Novel synthetic pyridyl analogues of CDDO-Imidazolide are useful new tools in cancer prevention

Pharmacol Res 2015 Oct;100:135-47.PMID:26238177DOI:10.1016/j.phrs.2015.07.024

Two new analogues of CDDO-Imidazolide (CDDO-Im), namely 1-[2-Cyano-3,12-dioxooleana-1,9(11)-dien-28-oyl]-4(-pyridin-2-yl)-1H-imidazole ("CDDO-2P-Im") and 1-[2-Cyano-3,12-dioxooleana-1,9(11)-dien-28-oyl]-4(-pyridin-3-yl)-1H-imidazole ("CDDO-3P-Im") have been synthesized and tested for their potential use as chemopreventive drugs.
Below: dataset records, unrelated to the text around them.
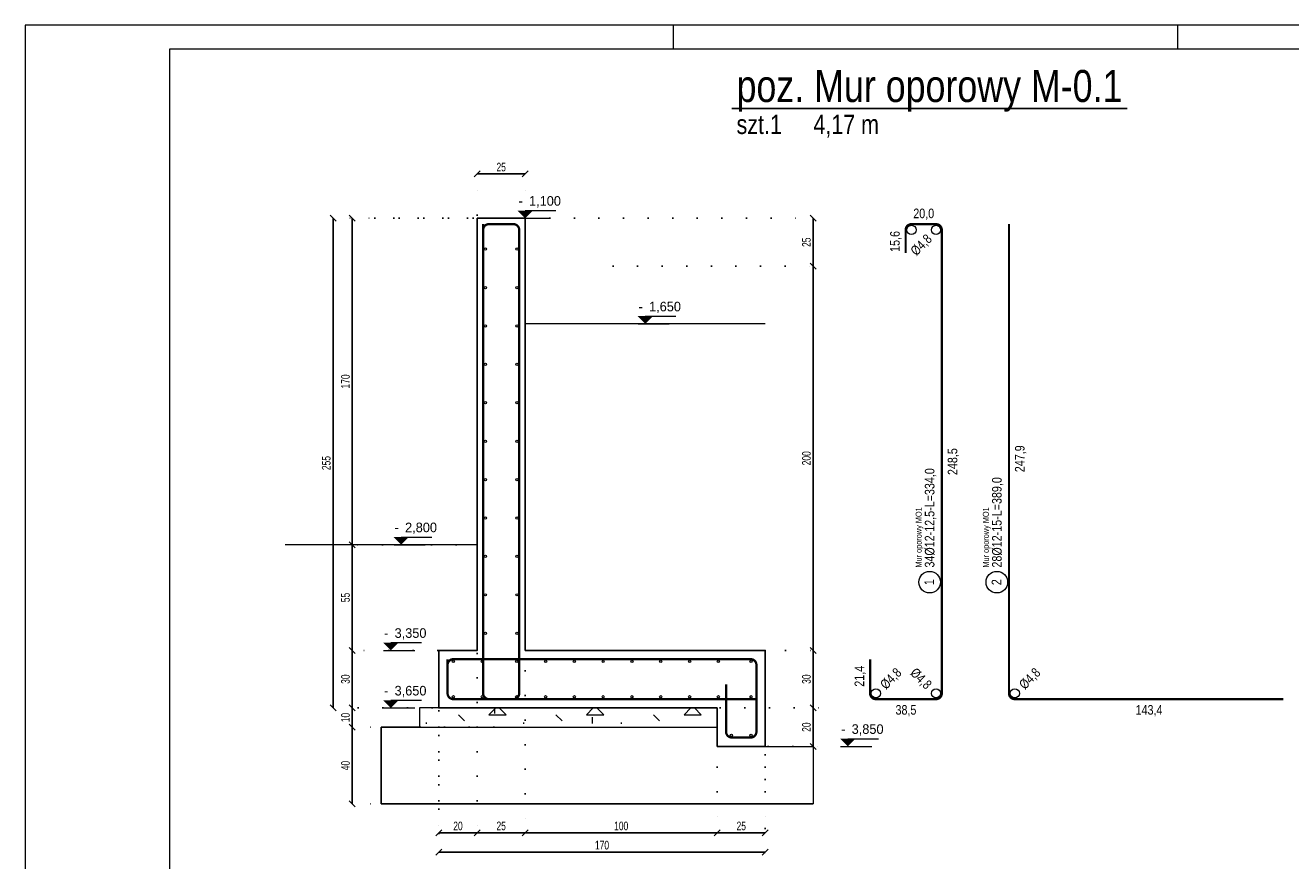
# Model space of a CAD drawing. Header units: millimetres. Extents: x 11149 to 111407, y -107619 to -23630.
# Tile 202 of 245: x 18452 to 19111, y -27783 to -27348. Entities that reach past the tile are written whole.
import ezdxf
from ezdxf.enums import TextEntityAlignment as Align

# ---------------------------------------------------------------- set-up
doc = ezdxf.new("R2010")
doc.units = ezdxf.units.MM
doc.header["$LTSCALE"] = 2
doc.linetypes.add('DOT', pattern=[6.35, 0, -6.35])
doc.layers.get('0').update_dxf_attribs({"plot": 0})
doc.layers.get('Defpoints').update_dxf_attribs({"color": 1})
for name, color, linetype, lineweight in [('e-cad_cienkie', 1, 'Continuous', 9), ('e-cad_kontur', 2, 'Continuous', 25), ('e-cad_obok', 3, 'Continuous', 9), ('e-cad_opisy', 7, 'Continuous', 9), ('e-cad_prety_przekroj', 4, 'Continuous', 5), ('e-cad_prety_widok', 161, 'Continuous', 5), ('e-cad_wymiary', 4, 'Continuous', 9)]:
    doc.layers.add(name, color=color, linetype=linetype, lineweight=lineweight)
doc.layers.add('e-cad_rzutnie', color=61, linetype='Continuous', lineweight=9, plot=False)
doc.styles.add('e-cad_1', font='arial.ttf', dxfattribs={"width": 0.7})
doc.dimstyles.new('e-cad_1_25_[cm]', dxfattribs={"dimscale": 2.5, "dimtxt": 1.8, "dimasz": 1.25, "dimexe": 1.25, "dimexo": 0.625, "dimgap": 0.5, "dimtad": 1, "dimdec": 0, "dimrnd": 1, "dimzin": 1, "dimtxsty": 'e-cad_1', "dimblk": 'OBLIQUE', "dimcen": 2.5, "dimclrd": 256, "dimclre": 252, "dimclrt": 7, "dimadec": 0, "dimazin": 0, "dimtfac": 1, "dimtix": 1, "dimtmove": 2, "dimatfit": 3, "dimldrblk": 'NONE', "dimfxl": 60, "dimfxlon": 1, "dimarcsym": 0})

# ---------------------------------------------------------------- blocks, each defined once
blk = doc.blocks.new('A3_poziom')
at = {"ltscale": 0.8}
for p, q in [((135, 292), (135, 297)), ((240, 292), (240, 297))]:
    blk.add_line(p, q, dxfattribs=at)
for points in [[(0, 0), (420, 0), (420, 297), (0, 297)], [(30, 5), (415, 5), (415, 292), (30, 292)]]:
    blk.add_lwpolyline(points, close=True)
blk = doc.blocks.new('e-cad_ZelbetPozycja')
at = {"layer": 'e-cad_opisy', "ltscale": 0.04, "style": 'e-cad_1', "width": 0.8}
for tag, p, height in [('OPIS_1', (0, 1.33), 6.67), ('OPIS_2', (0, -5.33), 4), ('OPIS_4', (16, -5.33), 4), ('OPIS_3', (0, -9.33), 2.67)]:
    blk.add_attdef(tag, p, '', height=height, dxfattribs=at)
at = {"layer": 'e-cad_opisy', "ltscale": 0.04, "style": 'e-cad_1', "width": 0.8, "flags": 1}
for tag, p in [('POZYCJA', (0, -20)), ('ILOSC', (0, -26.67)), ('DODATEK', (0, -33.33))]:
    blk.add_attdef(tag, p, '', height=4, dxfattribs=at)
blk = doc.blocks.new('_None')
blk = doc.blocks.new('_OBLIQUE')
at = {"color": 0, "linetype": 'ByBlock', "lineweight": -2}
blk.add_line((-0.5, -0.5), (0.5, 0.5), dxfattribs=at)
blk = doc.blocks.new('*D1201')
at = {"layer": 'Defpoints', "color": 0}
for p in [(18667.13, -27672.99), (18687.13, -27672.99), (18687.13, -27767.99)]:
    blk.add_point(p, dxfattribs=at)
at = {"layer": 'e-cad_wymiary', "color": 252, "linetype": 'DOT', "lineweight": -2}
for p, q in [((18667.13, -27674.56), (18667.13, -27771.12)), ((18687.13, -27674.56), (18687.13, -27771.12))]:
    blk.add_line(p, q, dxfattribs=at)
at = {"layer": 'e-cad_wymiary', "lineweight": -2}
blk.add_line((18667.13, -27767.99), (18687.13, -27767.99), dxfattribs=at)
at = {"layer": 'e-cad_wymiary', "lineweight": -2, "xscale": 3.125, "yscale": 3.125, "zscale": 3.125, "rotation": 180}
blk.add_blockref('_OBLIQUE', (18667.13, -27767.99), dxfattribs=at)
at = {"layer": 'e-cad_wymiary', "lineweight": -2, "xscale": 3.125, "yscale": 3.125, "zscale": 3.125}
blk.add_blockref('_OBLIQUE', (18687.13, -27767.99), dxfattribs=at)
at = {"layer": 'e-cad_wymiary', "color": 7, "insert": (18677.13, -27764.45), "char_height": 4.5, "attachment_point": 5, "style": 'e-cad_1'}
blk.add_mtext('20', dxfattribs=at)
blk = doc.blocks.new('e-cad_ZelbetOpis_7')
at = {"layer": 'e-cad_opisy'}
blk.add_circle((3.33, 2.53), 2.25, dxfattribs=at)
at = {"layer": 'e-cad_opisy', "style": 'e-cad_1', "width": 0.8}
blk.add_attdef('NR', text='', height=2, dxfattribs=at).set_placement((3.33, 1.62), align=Align.CENTER)
for tag, p in [('OPIS_1', (6.37, 1.53)), ('UWAGI', (6.37, -3.2))]:
    blk.add_attdef(tag, p, '', height=2, dxfattribs=at)
at = {"layer": 'e-cad_opisy', "style": 'e-cad_1', "width": 0.8, "flags": 1}
for tag, p in [('SREDNICA', (0, -15)), ('DLUGOSC', (0, -20)), ('SZT', (0, -25)), ('GATUNEK_STALI', (0, -30)), ('KLASA_STALI', (0, -35)), ('OPIS_2', (0, -40)), ('KOD', (0, -50)), ('HAK_1', (0, -55)), ('HAK_2', (0, -60)), ('A', (0, -65)), ('B', (0, -70)), ('C', (0, -75)), ('D', (0, -80)), ('E', (0, -85)), ('F', (0, -90)), ('R', (0, -95)), ('HAK_1_DLUGOSC', (0, -100)), ('HAK_2_DLUGOSC', (0, -105)), ('KIERUNEK', (0, -110))]:
    blk.add_attdef(tag, p, '', height=3, dxfattribs=at)
at = {"layer": 'e-cad_rzutnie', "style": 'e-cad_1', "width": 0.8}
blk.add_attdef('POZYCJA', (6.37, 4.2), '', height=1.25, dxfattribs=at)
blk = doc.blocks.new('*D1202')
at = {"layer": 'Defpoints', "color": 0}
for p in [(18712.13, -27669.36), (18687.13, -27672.99), (18712.13, -27767.99)]:
    blk.add_point(p, dxfattribs=at)
at = {"layer": 'e-cad_wymiary', "color": 252, "linetype": 'DOT', "lineweight": -2}
for p, q in [((18687.13, -27674.56), (18687.13, -27771.12)), ((18712.13, -27670.92), (18712.13, -27771.12))]:
    blk.add_line(p, q, dxfattribs=at)
at = {"layer": 'e-cad_wymiary', "lineweight": -2}
blk.add_line((18687.13, -27767.99), (18712.13, -27767.99), dxfattribs=at)
at = {"layer": 'e-cad_wymiary', "lineweight": -2, "xscale": 3.125, "yscale": 3.125, "zscale": 3.125, "rotation": 180}
blk.add_blockref('_OBLIQUE', (18687.13, -27767.99), dxfattribs=at)
at = {"layer": 'e-cad_wymiary', "lineweight": -2, "xscale": 3.125, "yscale": 3.125, "zscale": 3.125}
blk.add_blockref('_OBLIQUE', (18712.13, -27767.99), dxfattribs=at)
at = {"layer": 'e-cad_wymiary', "color": 7, "insert": (18699.63, -27764.45), "char_height": 4.5, "attachment_point": 5, "style": 'e-cad_1'}
blk.add_mtext('25', dxfattribs=at)
blk = doc.blocks.new('*D1203')
at = {"layer": 'Defpoints', "color": 0}
for p in [(18712.13, -27669.36), (18812.13, -27719.51), (18812.13, -27767.99)]:
    blk.add_point(p, dxfattribs=at)
at = {"layer": 'e-cad_wymiary', "color": 252, "linetype": 'DOT', "lineweight": -2}
for p, q in [((18712.13, -27670.92), (18712.13, -27771.12)), ((18812.13, -27721.07), (18812.13, -27771.12))]:
    blk.add_line(p, q, dxfattribs=at)
at = {"layer": 'e-cad_wymiary', "lineweight": -2}
blk.add_line((18712.13, -27767.99), (18812.13, -27767.99), dxfattribs=at)
at = {"layer": 'e-cad_wymiary', "lineweight": -2, "xscale": 3.125, "yscale": 3.125, "zscale": 3.125, "rotation": 180}
blk.add_blockref('_OBLIQUE', (18712.13, -27767.99), dxfattribs=at)
at = {"layer": 'e-cad_wymiary', "lineweight": -2, "xscale": 3.125, "yscale": 3.125, "zscale": 3.125}
blk.add_blockref('_OBLIQUE', (18812.13, -27767.99), dxfattribs=at)
at = {"layer": 'e-cad_wymiary', "color": 7, "insert": (18762.13, -27764.45), "char_height": 4.5, "attachment_point": 5, "style": 'e-cad_1'}
blk.add_mtext('100', dxfattribs=at)
blk = doc.blocks.new('*D1204')
at = {"layer": 'Defpoints', "color": 0}
for p in [(18812.13, -27719.51), (18837.13, -27719.51), (18837.13, -27767.99)]:
    blk.add_point(p, dxfattribs=at)
at = {"layer": 'e-cad_wymiary', "color": 252, "linetype": 'DOT', "lineweight": -2}
for p, q in [((18812.13, -27721.07), (18812.13, -27771.12)), ((18837.13, -27721.07), (18837.13, -27771.12))]:
    blk.add_line(p, q, dxfattribs=at)
at = {"layer": 'e-cad_wymiary', "lineweight": -2}
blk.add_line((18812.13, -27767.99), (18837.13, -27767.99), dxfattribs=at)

At nanomolar concentrations, they were equipotent to CDDO-Im for inducing differentiation and apoptosis in U937 leukemia cells. As inflammation and oxidative stress contribute to carcinogenesis, we also assessed their cytoprotective potential. The new compounds suppressed inducible nitric oxide synthase (iNOS) expression in RAW264.7 macrophage-like cells and significantly elevated heme oxygenase-1 (HO-1) and quinone reductase (NQO1) mRNA and protein levels in various mouse tissues in vivo. Most importantly, pharmacokinetic studies performed in vitro in human plasma and in vivo showed that each new analogue was more stable than CDDO-Im. Much higher concentrations of the new derivatives were found in mouse liver, lung, pancreas and kidney after gavage in contrast to CDDO-Im. Because of their better bioavailability and their excellent anti-inflammatory profile in vitro, CDDO-2P-Im and CDDO-3P-Im were tested for prevention in a highly relevant mouse lung cancer model, in which A/J mice develop lung carcinomas after injection of vinyl carbamate, a potent carcinogen. CDDO-2P-Im and CDDO-3P-Im were as effective as CDDO-Im for reducing the size and the severity of the lung tumors.